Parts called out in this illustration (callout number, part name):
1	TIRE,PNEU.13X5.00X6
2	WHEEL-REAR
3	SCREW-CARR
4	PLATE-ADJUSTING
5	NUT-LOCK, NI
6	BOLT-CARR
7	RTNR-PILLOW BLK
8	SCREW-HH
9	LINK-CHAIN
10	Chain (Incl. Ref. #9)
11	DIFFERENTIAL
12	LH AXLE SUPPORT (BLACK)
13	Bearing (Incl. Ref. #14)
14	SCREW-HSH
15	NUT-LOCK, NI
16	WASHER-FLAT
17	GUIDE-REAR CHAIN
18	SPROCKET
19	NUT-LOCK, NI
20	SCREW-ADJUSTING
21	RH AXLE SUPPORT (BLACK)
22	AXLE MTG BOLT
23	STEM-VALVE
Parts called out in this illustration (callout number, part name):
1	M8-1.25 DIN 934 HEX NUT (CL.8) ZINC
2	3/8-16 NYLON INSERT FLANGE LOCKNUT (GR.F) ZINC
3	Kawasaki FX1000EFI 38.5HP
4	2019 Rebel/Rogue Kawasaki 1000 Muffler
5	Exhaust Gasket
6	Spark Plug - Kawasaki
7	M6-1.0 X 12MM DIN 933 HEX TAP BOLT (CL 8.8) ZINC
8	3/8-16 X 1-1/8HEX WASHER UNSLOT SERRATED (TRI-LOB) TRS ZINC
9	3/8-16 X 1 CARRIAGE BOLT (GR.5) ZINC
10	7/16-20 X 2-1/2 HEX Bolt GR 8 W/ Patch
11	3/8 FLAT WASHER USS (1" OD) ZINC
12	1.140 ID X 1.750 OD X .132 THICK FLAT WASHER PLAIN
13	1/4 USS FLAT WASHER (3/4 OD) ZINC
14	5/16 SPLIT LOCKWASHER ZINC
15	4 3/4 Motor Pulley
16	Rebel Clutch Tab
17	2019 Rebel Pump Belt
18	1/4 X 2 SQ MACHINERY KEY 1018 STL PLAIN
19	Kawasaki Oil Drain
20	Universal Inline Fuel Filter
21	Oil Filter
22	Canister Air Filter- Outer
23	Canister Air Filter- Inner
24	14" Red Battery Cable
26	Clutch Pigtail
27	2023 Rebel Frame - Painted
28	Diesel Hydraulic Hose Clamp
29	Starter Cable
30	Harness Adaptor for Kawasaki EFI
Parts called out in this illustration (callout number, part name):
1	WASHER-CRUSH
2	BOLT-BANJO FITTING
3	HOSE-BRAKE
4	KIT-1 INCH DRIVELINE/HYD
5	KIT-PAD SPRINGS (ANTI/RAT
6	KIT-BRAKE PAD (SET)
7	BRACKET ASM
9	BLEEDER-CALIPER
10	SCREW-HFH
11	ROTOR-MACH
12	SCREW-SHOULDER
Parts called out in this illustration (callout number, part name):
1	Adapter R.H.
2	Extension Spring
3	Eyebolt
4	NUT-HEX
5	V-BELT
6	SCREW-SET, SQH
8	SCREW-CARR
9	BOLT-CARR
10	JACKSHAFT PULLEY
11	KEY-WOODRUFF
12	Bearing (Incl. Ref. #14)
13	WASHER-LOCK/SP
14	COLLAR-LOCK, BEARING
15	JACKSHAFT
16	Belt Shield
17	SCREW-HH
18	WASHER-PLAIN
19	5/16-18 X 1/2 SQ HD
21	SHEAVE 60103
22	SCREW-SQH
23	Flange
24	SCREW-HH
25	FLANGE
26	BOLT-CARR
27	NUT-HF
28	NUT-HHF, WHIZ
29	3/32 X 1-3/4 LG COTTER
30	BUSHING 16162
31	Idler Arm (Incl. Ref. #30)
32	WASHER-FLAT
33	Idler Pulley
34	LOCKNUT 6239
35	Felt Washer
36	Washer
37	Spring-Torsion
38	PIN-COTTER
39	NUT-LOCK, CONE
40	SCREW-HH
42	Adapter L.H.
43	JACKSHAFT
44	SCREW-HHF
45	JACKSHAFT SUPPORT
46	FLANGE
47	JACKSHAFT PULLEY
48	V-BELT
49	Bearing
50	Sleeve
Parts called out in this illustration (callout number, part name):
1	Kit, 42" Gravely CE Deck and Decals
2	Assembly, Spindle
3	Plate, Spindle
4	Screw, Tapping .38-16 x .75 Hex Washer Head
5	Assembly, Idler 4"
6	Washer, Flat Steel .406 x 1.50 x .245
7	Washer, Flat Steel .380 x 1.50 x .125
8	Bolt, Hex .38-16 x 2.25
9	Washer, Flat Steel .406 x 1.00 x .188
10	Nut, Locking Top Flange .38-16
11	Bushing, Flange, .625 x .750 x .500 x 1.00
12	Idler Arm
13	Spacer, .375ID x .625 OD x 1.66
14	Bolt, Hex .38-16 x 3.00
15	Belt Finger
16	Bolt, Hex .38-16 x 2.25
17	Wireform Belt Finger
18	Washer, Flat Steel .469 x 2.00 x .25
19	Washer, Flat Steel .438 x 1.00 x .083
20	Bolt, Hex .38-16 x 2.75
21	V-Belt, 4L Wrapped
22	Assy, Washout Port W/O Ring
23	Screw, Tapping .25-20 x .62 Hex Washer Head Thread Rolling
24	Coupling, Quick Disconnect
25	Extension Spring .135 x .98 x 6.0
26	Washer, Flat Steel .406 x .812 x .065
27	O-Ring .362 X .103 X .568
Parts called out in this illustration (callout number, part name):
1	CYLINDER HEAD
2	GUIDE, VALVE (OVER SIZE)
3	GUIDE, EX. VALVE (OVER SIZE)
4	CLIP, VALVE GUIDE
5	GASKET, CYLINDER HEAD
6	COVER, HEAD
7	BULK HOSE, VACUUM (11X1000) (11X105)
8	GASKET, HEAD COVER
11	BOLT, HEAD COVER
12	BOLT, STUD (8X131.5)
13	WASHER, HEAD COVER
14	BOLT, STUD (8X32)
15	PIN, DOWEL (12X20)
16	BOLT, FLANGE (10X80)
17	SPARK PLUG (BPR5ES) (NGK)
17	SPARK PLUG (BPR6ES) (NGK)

..............................

Work to complete: Copy out every record again, letter for letter.

Problem solution:
Parts called out in this illustration (callout number, part name):
1	TIRE,PNEU.13X5.00X6
2	WHEEL-REAR
3	SCREW-CARR
4	PLATE-ADJUSTING
5	NUT-LOCK, NI
6	BOLT-CARR
7	RTNR-PILLOW BLK
8	SCREW-HH
9	LINK-CHAIN
10	Chain (Incl. Ref. #9)
11	DIFFERENTIAL
12	LH AXLE SUPPORT (BLACK)
13	Bearing (Incl. Ref. #14)
14	SCREW-HSH
15	NUT-LOCK, NI
16	WASHER-FLAT
17	GUIDE-REAR CHAIN
18	SPROCKET
19	NUT-LOCK, NI
20	SCREW-ADJUSTING
21	RH AXLE SUPPORT (BLACK)
22	AXLE MTG BOLT
23	STEM-VALVE
Parts called out in this illustration (callout number, part name):
1	M8-1.25 DIN 934 HEX NUT (CL.8) ZINC
2	3/8-16 NYLON INSERT FLANGE LOCKNUT (GR.F) ZINC
3	Kawasaki FX1000EFI 38.5HP
4	2019 Rebel/Rogue Kawasaki 1000 Muffler
5	Exhaust Gasket
6	Spark Plug - Kawasaki
7	M6-1.0 X 12MM DIN 933 HEX TAP BOLT (CL 8.8) ZINC
8	3/8-16 X 1-1/8HEX WASHER UNSLOT SERRATED (TRI-LOB) TRS ZINC
9	3/8-16 X 1 CARRIAGE BOLT (GR.5) ZINC
10	7/16-20 X 2-1/2 HEX Bolt GR 8 W/ Patch
11	3/8 FLAT WASHER USS (1" OD) ZINC
12	1.140 ID X 1.750 OD X .132 THICK FLAT WASHER PLAIN
13	1/4 USS FLAT WASHER (3/4 OD) ZINC
14	5/16 SPLIT LOCKWASHER ZINC
15	4 3/4 Motor Pulley
16	Rebel Clutch Tab
17	2019 Rebel Pump Belt
18	1/4 X 2 SQ MACHINERY KEY 1018 STL PLAIN
19	Kawasaki Oil Drain
20	Universal Inline Fuel Filter
21	Oil Filter
22	Canister Air Filter- Outer
23	Canister Air Filter- Inner
24	14" Red Battery Cable
26	Clutch Pigtail
27	2023 Rebel Frame - Painted
28	Diesel Hydraulic Hose Clamp
29	Starter Cable
30	Harness Adaptor for Kawasaki EFI
Parts called out in this illustration (callout number, part name):
1	WASHER-CRUSH
2	BOLT-BANJO FITTING
3	HOSE-BRAKE
4	KIT-1 INCH DRIVELINE/HYD
5	KIT-PAD SPRINGS (ANTI/RAT
6	KIT-BRAKE PAD (SET)
7	BRACKET ASM
9	BLEEDER-CALIPER
10	SCREW-HFH
11	ROTOR-MACH
12	SCREW-SHOULDER
Parts called out in this illustration (callout number, part name):
1	Adapter R.H.
2	Extension Spring
3	Eyebolt
4	NUT-HEX
5	V-BELT
6	SCREW-SET, SQH
8	SCREW-CARR
9	BOLT-CARR
10	JACKSHAFT PULLEY
11	KEY-WOODRUFF
12	Bearing (Incl. Ref. #14)
13	WASHER-LOCK/SP
14	COLLAR-LOCK, BEARING
15	JACKSHAFT
16	Belt Shield
17	SCREW-HH
18	WASHER-PLAIN
19	5/16-18 X 1/2 SQ HD
21	SHEAVE 60103
22	SCREW-SQH
23	Flange
24	SCREW-HH
25	FLANGE
26	BOLT-CARR
27	NUT-HF
28	NUT-HHF, WHIZ
29	3/32 X 1-3/4 LG COTTER
30	BUSHING 16162
31	Idler Arm (Incl. Ref. #30)
32	WASHER-FLAT
33	Idler Pulley
34	LOCKNUT 6239
35	Felt Washer
36	Washer
37	Spring-Torsion
38	PIN-COTTER
39	NUT-LOCK, CONE
40	SCREW-HH
42	Adapter L.H.
43	JACKSHAFT
44	SCREW-HHF
45	JACKSHAFT SUPPORT
46	FLANGE
47	JACKSHAFT PULLEY
48	V-BELT
49	Bearing
50	Sleeve
Parts called out in this illustration (callout number, part name):
1	Kit, 42" Gravely CE Deck and Decals
2	Assembly, Spindle
3	Plate, Spindle
4	Screw, Tapping .38-16 x .75 Hex Washer Head
5	Assembly, Idler 4"
6	Washer, Flat Steel .406 x 1.50 x .245
7	Washer, Flat Steel .380 x 1.50 x .125
8	Bolt, Hex .38-16 x 2.25
9	Washer, Flat Steel .406 x 1.00 x .188
10	Nut, Locking Top Flange .38-16
11	Bushing, Flange, .625 x .750 x .500 x 1.00
12	Idler Arm
13	Spacer, .375ID x .625 OD x 1.66
14	Bolt, Hex .38-16 x 3.00
15	Belt Finger
16	Bolt, Hex .38-16 x 2.25
17	Wireform Belt Finger
18	Washer, Flat Steel .469 x 2.00 x .25
19	Washer, Flat Steel .438 x 1.00 x .083
20	Bolt, Hex .38-16 x 2.75
21	V-Belt, 4L Wrapped
22	Assy, Washout Port W/O Ring
23	Screw, Tapping .25-20 x .62 Hex Washer Head Thread Rolling
24	Coupling, Quick Disconnect
25	Extension Spring .135 x .98 x 6.0
26	Washer, Flat Steel .406 x .812 x .065
27	O-Ring .362 X .103 X .568
Parts called out in this illustration (callout number, part name):
1	CYLINDER HEAD
2	GUIDE, VALVE (OVER SIZE)
3	GUIDE, EX. VALVE (OVER SIZE)
4	CLIP, VALVE GUIDE
5	GASKET, CYLINDER HEAD
6	COVER, HEAD
7	BULK HOSE, VACUUM (11X1000) (11X105)
8	GASKET, HEAD COVER
11	BOLT, HEAD COVER
12	BOLT, STUD (8X131.5)
13	WASHER, HEAD COVER
14	BOLT, STUD (8X32)
15	PIN, DOWEL (12X20)
16	BOLT, FLANGE (10X80)
17	SPARK PLUG (BPR5ES) (NGK)
17	SPARK PLUG (BPR6ES) (NGK)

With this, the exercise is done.